Il ritardo di brand come Burberry e Gucci è incolmabile, dice WSJ

Il Wall Street Journal cita un dato per spiegare come il ritardo di brand come Burberry e Gucci sia incolmabile. Il budget per il marketing di LVMH è passato da 6,3 a 10 miliardi di euro tra il 2019 e il 2023, col risultato che la sola spesa in attività di promozione e comunicazione di Vuitton&Co è circa “tre volte superiore alle vendite annue” del marchio inglese dei trench. Ma non è solo una questione di gigantismo: è che i marchi “malconci – scrive il giornale finanziario statunitense – sono difficili da aggiustare” in una “fase di rallentamento del mercato” dove bisogna convivere “con i big”.

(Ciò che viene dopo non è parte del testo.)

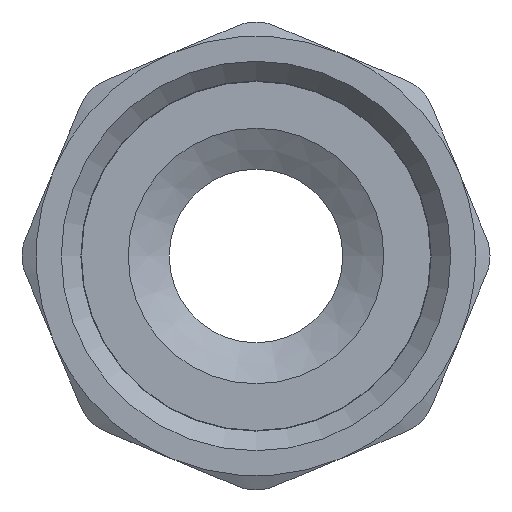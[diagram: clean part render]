
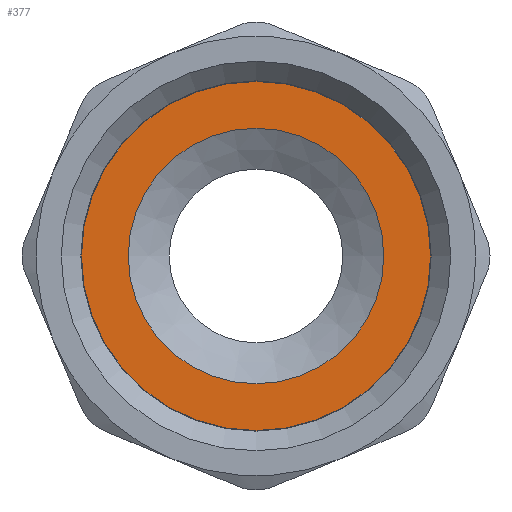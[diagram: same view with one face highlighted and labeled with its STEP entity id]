
A CAD part, front view. The second image highlights one B-rep face of the part: STEP entity #377.
In plain terms, the highlighted planar face has unit normal (0, -1, 0).
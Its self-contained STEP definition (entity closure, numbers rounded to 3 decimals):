
#377=ADVANCED_FACE('',(#1194,#1196),#1198,.F.);
#1194=FACE_BOUND('',#1195,.T.);
#1195=EDGE_LOOP('',(#1518));
#1196=FACE_BOUND('',#1197,.T.);
#1197=EDGE_LOOP('',(#1519));
#1198=PLANE('',#1199);
#1199=AXIS2_PLACEMENT_3D('',#1200,#1201,#1202);
#1200=CARTESIAN_POINT('',(0.,0.,0.));
#1201=DIRECTION('',(0.,1.,0.));
#1202=DIRECTION('',(-1.,0.,0.));
#1518=ORIENTED_EDGE('',*,*,#1670,.F.);
#1519=ORIENTED_EDGE('',*,*,#1671,.T.);
#1670=EDGE_CURVE('',#1934,#1934,#1935,.T.);
#1671=EDGE_CURVE('',#1936,#1936,#1937,.T.);
#1934=VERTEX_POINT('',#3921);
#1935=CIRCLE('',#3922,15.1);
#1936=VERTEX_POINT('',#3926);
#1937=CIRCLE('',#3927,11.05);
#3921=CARTESIAN_POINT('',(-15.1,0.,0.));
#3922=AXIS2_PLACEMENT_3D('',#3923,#3924,#3925);
#3923=CARTESIAN_POINT('',(0.,0.,0.));
#3924=DIRECTION('',(0.,1.,0.));
#3925=DIRECTION('',(-1.,0.,0.));
#3926=CARTESIAN_POINT('',(-11.05,0.,0.));
#3927=AXIS2_PLACEMENT_3D('',#3928,#3929,#3930);
#3928=CARTESIAN_POINT('',(0.,0.,0.));
#3929=DIRECTION('',(0.,1.,0.));
#3930=DIRECTION('',(-1.,0.,0.));

Il ritardo di brand come Burberry e Gucci

La disanima di WSJ è inclemente. È difficile fare affidamento sul coraggio stilistico, perché “i marchi fantasiosi franano facilmente”, come hanno dimostrato Gucci e Balenciaga: quando il vento è favorevole veleggiano spediti, ma quando si arresta è “stagnazione”. Ma neanche investire su prodotto e distribuzione è garanzia di successo. Burberry ha spinto molto sul retail diretto e sull’innalzamento di posizione: “Le borse di Daniel Lee costano il 58% in più di quelle delle vecchie collezioni”, scrive WSJ sulla base di dati Bernstein. Ma è impossibile (o quasi) strappare quote di mercato a chi è meglio insediato nell’alto di gamma. Ne consegue che Burberry finisce per generare “un terzo delle vendite nei canali off-price”: piazza, cioè, i suoi articoli di maggior fattura in sconto o negli outlet.

 

 

Lo scenario sfavorevole

Sullo sfondo dei ragionamenti di WSJ c’è, chiaramente, la comunità finanziaria, che in base all’appeal di certe società deve decidere se investirci o meno. Il giudizio pare implacabilmente negativo. Queste aziende sono tra l’incudine dei costi crescenti (nel retail, innanzitutto) e il martello dei ricavi piatti. Mentre non ci sono segnali di ripresa evidenti. “Il traffico di clienti nei flagship store non mente mai – commenta Luca Solca (Bernstein) –: se non c’è nessuno, il brand è irrilevante”. Oggi si parla tanto di polarizzazione, ma il mercato della moda è sempre stato selettivo: per una Coco Chanel che trasforma il cognome in griffe miliardaria, c’è sempre stata una Elsa Schiaparelli che rimane di nicchia. “Le possibilità di fare un gran ritorno nel mercato del lusso – conclude la riflessione – oggi sembrano più difficili che mai”.